[PATCH 8 of 8] tags: implement persistent tag caching (issue548)
Greg Ward
greg-hg at gerg.ca
Mon Jul 13 21:03:27 CDT 2009
# HG changeset patch
# User Greg Ward <greg-hg at gerg.ca>
# Date 1247536884 14400
# Node ID c456f1ebd65d7a9d947641c4f9234748bc618608
# Parent bfc26f905db3664fc1932de253db7b6f20f85772
tags: implement persistent tag caching (issue548).
- rename findglobaltags() to findglobaltags1() (so the "no cache"
implementation is still there if we need it)
- add findglobaltags2() and make findglobaltags() an alias for it
(disabling tag caching is a one-line patch)
- factor out tagcache class with methods readcache() and writecache();
the expensive part of tag finding (iterate over heads and find
.hgtags filenode) is now in tagcache.readcache()
diff --git a/mercurial/tags.py b/mercurial/tags.py
--- a/mercurial/tags.py
+++ b/mercurial/tags.py
@@ -6,16 +6,16 @@
# This software may be used and distributed according to the terms of the
# GNU General Public License version 2, incorporated herein by reference.
-# Currently this module only deals with reading tags. Soon it will grow
-# support for caching tag info. Eventually, it could take care of
-# updating (adding/removing/moving) tags too.

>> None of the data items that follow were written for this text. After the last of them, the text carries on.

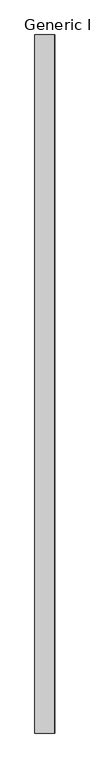
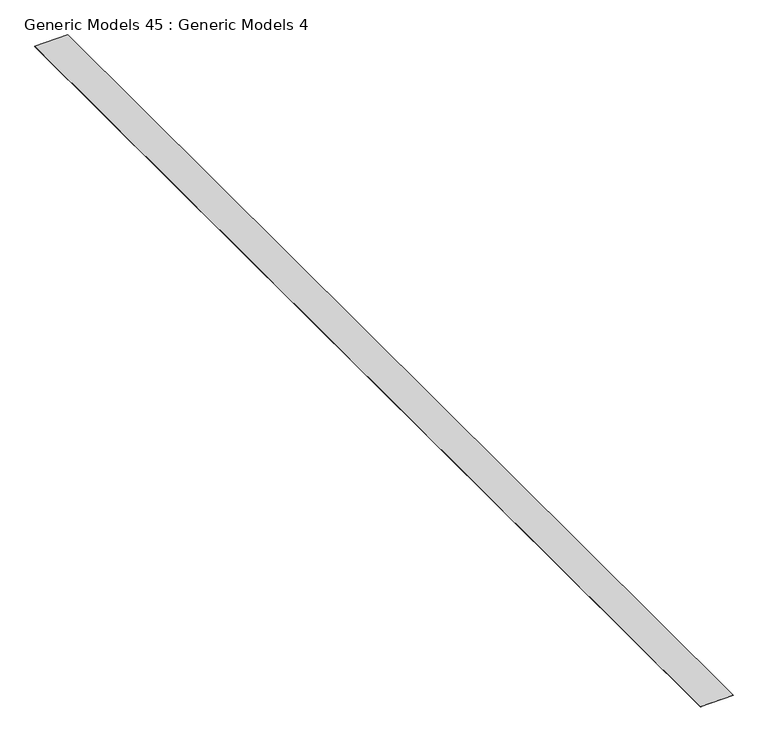
"""IFC4 building model written with IfcOpenShell, lengths in millimetres: proxy geometry, Generic Models 45 : Generic Models 4."""

from ifc_helpers import new_model, si_unit, frame, origin, place, context, project, spatial, polyline, outline, extrude, source, transform, mapped, element, save


def generic_models_45_generic_models_4_a326bbe1(model_context):
    return source(origin(), model_context, "Body", "SweptSolid", [
        extrude(outline(polyline([(0.0, -533.9447377), (0.0, 0.0), (18643.6, 0.0), (18643.6, -533.9447377), (0.0, -533.9447377)])), frame((7858.0260576, -6864.9230338, 126898.7093198), z_axis=(-0.02082881368186553, 0.0, 0.9997830567281115), x_axis=(0.0, 1.0, 0.0)), (0.0, 0.0, 1.0), 0.79375),
    ])


if __name__ == "__main__":
    model = new_model("IFC4")
    model_context = context("Model", 3, world=origin())
    ifc_project = project(units=[si_unit("LENGTHUNIT", "METRE", prefix="MILLI")], contexts=[model_context])
    site = spatial("IfcSite", under=ifc_project)
    building = spatial("IfcBuilding", under=site)
    placement = place(None, origin())
    generic_models_45_generic_models_4_shape = generic_models_45_generic_models_4_a326bbe1(model_context)
    element("IfcBuildingElementProxy", 1, Name="Generic Models 45 : Generic Models 4", ObjectType="Generic Models 45 : Generic Models 4", at=placement, inside=building, context=model_context, shape_type="MappedRepresentation", body=[
        mapped(generic_models_45_generic_models_4_shape, transform((0.0, 0.0, 0.0), x_axis=(1.0, 0.0, 0.0), y_axis=(0.0, 1.0, 0.0), z_axis=(0.0, 0.0, 1.0))),
    ])
    save(model, "model.ifc")

# Revit data of these elements
# Element 1 (IfcBuildingElementProxy, "Generic Models 45 : Generic Models 4")
#   Materials on its faces: "_HYDROSTOP LIQUID MEMBRANE - FOLLOW MANU. RECOMMENDED INSTALLATION DETAILS"
# Materials
#   "_HYDROSTOP LIQUID MEMBRANE - FOLLOW MANU. RECOMMENDED INSTALLATION DETAILS": class "Generic", colour RGB 156 184 169, transparency 0, Cost = 0

+# Currently this module only deals with reading tags (with caching).
+# Eventually, it could take care of updating (adding/removing/moving)
+# tags too.
from node import bin, hex
from i18n import _
import encoding
import error
-def findglobaltags(ui, repo, alltags, tagtypes):
+def findglobaltags1(ui, repo, alltags, tagtypes):
'''Find global tags in repo by reading .hgtags from every head that
has a distinct version of it. Updates the dicts alltags, tagtypes
in place: alltags maps tag name to (node, hist) pair (see _readtags()
@@ -44,6 +44,32 @@
ui, repo, fctx.data().splitlines(), fctx)
_updatetags(filetags, "global", alltags, tagtypes)
+def findglobaltags2(ui, repo, alltags, tagtypes):
+ '''Same as findglobaltags1(), but with caching.'''
+ cache = tagcache(ui, repo)
+ (heads, tagfnode) = cache.readcache()
+
+ #ui.debug("iterating over %d head(s) for .hgtags...\n" % len(heads))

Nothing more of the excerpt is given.